■ **AIM OF THE EXERCISE**
Please tell how many of the lines below contain "ADJUST", using only a number.

=== MATERIAL FOR THE TASK ===

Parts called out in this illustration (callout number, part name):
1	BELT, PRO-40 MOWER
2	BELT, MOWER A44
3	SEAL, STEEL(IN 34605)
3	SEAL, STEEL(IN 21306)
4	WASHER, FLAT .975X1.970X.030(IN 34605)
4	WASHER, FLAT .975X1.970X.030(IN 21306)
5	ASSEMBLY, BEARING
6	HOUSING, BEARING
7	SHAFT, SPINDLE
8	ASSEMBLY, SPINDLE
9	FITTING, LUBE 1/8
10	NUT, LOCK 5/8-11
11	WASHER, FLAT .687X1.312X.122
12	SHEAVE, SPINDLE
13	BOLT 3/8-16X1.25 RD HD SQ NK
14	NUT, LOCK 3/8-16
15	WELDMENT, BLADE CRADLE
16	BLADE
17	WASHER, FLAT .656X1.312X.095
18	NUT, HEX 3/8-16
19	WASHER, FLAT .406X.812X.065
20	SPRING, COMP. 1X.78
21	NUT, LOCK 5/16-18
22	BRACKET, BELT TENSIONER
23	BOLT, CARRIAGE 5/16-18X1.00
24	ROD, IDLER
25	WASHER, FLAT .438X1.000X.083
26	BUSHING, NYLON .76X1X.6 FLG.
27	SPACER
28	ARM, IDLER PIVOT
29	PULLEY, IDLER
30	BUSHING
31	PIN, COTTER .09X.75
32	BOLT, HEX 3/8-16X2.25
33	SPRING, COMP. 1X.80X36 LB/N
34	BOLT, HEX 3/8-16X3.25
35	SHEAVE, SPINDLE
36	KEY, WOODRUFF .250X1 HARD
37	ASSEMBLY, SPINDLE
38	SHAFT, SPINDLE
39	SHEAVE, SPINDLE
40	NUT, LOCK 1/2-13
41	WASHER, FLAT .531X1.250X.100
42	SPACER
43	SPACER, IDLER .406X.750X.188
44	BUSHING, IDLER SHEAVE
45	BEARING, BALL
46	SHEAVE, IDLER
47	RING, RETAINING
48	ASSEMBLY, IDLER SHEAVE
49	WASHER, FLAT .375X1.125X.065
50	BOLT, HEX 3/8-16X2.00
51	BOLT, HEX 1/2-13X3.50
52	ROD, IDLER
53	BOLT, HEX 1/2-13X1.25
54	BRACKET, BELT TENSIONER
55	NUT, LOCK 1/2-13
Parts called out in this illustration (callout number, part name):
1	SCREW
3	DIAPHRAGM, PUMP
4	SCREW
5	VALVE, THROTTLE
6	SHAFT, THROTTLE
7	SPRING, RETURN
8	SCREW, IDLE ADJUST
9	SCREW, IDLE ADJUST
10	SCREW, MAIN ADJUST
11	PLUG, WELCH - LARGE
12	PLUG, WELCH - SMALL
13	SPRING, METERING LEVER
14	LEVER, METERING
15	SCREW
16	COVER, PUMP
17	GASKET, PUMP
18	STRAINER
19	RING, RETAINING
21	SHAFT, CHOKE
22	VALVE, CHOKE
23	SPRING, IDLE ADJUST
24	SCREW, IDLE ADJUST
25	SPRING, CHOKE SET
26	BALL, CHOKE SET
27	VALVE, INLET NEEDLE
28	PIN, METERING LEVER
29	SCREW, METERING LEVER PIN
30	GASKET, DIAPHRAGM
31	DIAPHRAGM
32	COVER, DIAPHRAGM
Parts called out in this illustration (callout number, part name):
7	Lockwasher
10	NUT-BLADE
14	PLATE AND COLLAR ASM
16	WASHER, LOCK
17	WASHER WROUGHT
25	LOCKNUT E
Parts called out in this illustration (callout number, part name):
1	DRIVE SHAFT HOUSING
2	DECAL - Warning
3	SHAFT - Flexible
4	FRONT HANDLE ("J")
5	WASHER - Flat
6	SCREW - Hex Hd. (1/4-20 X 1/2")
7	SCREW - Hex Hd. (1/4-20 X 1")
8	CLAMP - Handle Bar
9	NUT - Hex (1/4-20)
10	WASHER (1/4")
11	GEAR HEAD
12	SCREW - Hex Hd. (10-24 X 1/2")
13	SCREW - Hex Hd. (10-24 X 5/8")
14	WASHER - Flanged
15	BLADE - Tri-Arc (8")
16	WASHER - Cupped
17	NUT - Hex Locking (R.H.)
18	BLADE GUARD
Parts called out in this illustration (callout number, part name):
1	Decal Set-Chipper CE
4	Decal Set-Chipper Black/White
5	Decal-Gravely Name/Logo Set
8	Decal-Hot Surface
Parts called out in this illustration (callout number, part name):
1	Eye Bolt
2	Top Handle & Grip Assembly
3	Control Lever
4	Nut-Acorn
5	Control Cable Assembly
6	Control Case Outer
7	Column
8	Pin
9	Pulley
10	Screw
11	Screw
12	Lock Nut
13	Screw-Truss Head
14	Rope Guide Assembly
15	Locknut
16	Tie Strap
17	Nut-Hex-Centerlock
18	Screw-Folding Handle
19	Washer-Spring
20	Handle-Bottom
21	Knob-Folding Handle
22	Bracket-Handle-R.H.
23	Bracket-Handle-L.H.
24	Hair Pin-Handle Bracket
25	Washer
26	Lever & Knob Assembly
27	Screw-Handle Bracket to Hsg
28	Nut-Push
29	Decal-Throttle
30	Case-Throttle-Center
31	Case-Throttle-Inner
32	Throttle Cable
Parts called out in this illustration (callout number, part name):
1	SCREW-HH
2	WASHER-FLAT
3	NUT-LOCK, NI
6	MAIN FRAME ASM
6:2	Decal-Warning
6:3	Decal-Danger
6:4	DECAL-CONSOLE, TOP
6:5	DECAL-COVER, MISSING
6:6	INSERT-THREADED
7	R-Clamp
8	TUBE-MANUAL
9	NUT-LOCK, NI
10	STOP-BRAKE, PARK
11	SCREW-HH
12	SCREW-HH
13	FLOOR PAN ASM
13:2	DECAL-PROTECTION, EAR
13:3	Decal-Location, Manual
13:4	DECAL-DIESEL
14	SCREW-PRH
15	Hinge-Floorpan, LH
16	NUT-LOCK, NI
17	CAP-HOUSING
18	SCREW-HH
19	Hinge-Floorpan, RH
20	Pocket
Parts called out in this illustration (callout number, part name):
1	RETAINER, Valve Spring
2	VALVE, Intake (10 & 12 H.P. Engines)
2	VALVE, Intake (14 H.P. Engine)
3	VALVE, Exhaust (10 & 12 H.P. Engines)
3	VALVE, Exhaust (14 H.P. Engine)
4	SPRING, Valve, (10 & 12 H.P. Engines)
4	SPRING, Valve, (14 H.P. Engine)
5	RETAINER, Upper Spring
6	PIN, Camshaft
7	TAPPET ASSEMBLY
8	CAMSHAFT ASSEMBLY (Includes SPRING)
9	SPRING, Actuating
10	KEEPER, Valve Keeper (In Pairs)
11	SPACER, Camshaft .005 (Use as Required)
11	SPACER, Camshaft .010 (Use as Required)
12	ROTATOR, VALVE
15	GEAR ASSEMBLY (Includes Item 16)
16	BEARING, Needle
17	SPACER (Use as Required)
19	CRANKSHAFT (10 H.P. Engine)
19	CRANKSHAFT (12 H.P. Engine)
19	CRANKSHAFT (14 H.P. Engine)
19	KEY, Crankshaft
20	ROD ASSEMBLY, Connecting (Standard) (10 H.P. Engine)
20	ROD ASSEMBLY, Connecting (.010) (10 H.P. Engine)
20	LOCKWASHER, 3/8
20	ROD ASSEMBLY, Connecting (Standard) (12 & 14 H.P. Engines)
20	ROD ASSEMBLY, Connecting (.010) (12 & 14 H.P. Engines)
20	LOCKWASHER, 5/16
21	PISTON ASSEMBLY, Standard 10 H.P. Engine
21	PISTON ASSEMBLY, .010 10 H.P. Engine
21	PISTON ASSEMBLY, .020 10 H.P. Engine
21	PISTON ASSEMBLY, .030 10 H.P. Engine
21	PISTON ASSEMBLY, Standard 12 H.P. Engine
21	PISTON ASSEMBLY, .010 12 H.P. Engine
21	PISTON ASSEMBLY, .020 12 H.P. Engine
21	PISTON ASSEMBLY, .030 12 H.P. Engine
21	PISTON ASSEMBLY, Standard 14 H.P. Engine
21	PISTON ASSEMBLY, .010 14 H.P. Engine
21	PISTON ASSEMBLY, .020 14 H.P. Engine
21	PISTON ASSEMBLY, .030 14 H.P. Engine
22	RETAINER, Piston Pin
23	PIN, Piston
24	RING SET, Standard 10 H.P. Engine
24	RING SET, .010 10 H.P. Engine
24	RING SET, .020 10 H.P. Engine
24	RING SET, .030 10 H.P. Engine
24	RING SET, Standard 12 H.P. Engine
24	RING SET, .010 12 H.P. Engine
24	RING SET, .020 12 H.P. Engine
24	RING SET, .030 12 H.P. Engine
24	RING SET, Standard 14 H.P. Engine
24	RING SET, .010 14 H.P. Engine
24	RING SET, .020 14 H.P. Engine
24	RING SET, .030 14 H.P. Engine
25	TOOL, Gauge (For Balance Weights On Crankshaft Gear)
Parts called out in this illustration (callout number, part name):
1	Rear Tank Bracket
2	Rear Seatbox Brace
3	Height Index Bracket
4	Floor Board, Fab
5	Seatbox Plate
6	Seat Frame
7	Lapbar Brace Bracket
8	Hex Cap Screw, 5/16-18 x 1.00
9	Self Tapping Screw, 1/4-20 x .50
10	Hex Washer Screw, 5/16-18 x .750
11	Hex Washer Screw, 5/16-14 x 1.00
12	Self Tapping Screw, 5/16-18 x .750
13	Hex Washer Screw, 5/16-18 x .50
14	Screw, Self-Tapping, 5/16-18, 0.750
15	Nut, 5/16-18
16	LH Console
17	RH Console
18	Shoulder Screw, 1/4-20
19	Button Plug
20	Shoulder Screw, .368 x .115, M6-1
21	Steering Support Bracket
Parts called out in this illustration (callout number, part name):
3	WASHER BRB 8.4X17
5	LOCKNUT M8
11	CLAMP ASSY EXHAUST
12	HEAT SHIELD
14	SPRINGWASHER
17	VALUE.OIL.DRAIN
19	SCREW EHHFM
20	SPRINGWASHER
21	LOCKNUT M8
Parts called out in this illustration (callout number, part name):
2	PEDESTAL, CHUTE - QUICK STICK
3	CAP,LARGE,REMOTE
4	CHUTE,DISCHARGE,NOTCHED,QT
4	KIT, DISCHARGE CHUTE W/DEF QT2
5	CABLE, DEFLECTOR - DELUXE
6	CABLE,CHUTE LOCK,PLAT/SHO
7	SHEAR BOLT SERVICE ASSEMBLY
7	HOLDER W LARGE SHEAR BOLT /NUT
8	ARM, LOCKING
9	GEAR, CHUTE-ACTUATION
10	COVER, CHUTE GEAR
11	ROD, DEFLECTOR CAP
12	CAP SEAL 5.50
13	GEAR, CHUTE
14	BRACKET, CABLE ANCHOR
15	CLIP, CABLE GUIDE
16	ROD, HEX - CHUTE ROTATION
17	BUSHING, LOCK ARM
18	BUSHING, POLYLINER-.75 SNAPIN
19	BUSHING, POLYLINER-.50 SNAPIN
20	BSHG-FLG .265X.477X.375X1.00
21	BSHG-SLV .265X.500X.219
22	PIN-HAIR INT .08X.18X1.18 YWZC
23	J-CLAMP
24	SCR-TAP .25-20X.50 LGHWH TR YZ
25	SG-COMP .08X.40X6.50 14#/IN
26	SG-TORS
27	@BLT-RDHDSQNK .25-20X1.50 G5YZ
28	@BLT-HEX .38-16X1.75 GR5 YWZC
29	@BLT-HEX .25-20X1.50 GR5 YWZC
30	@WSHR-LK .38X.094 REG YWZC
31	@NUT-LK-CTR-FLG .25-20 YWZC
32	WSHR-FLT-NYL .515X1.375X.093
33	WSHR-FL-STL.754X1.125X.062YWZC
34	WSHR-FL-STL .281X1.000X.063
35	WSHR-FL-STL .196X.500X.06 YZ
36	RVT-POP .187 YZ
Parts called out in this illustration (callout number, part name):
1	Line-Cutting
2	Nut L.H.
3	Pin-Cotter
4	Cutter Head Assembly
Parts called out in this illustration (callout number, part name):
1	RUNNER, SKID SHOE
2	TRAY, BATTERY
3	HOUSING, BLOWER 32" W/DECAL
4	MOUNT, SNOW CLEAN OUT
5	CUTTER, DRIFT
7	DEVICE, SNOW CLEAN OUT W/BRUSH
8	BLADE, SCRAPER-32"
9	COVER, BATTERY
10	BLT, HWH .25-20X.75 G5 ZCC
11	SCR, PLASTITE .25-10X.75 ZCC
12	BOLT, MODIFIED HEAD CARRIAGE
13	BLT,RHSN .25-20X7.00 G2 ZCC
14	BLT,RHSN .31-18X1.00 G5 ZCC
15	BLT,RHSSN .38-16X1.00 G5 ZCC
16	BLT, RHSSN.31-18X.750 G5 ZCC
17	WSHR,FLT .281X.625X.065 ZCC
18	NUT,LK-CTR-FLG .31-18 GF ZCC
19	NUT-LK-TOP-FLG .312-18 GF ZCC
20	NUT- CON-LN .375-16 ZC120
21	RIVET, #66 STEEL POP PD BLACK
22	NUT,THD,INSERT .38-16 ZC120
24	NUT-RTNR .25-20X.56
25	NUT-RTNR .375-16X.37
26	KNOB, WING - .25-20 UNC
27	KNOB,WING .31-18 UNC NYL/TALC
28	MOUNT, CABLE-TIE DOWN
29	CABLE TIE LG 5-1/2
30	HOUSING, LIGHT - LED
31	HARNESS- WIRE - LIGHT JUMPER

===

■ **RESULT BELOW**
5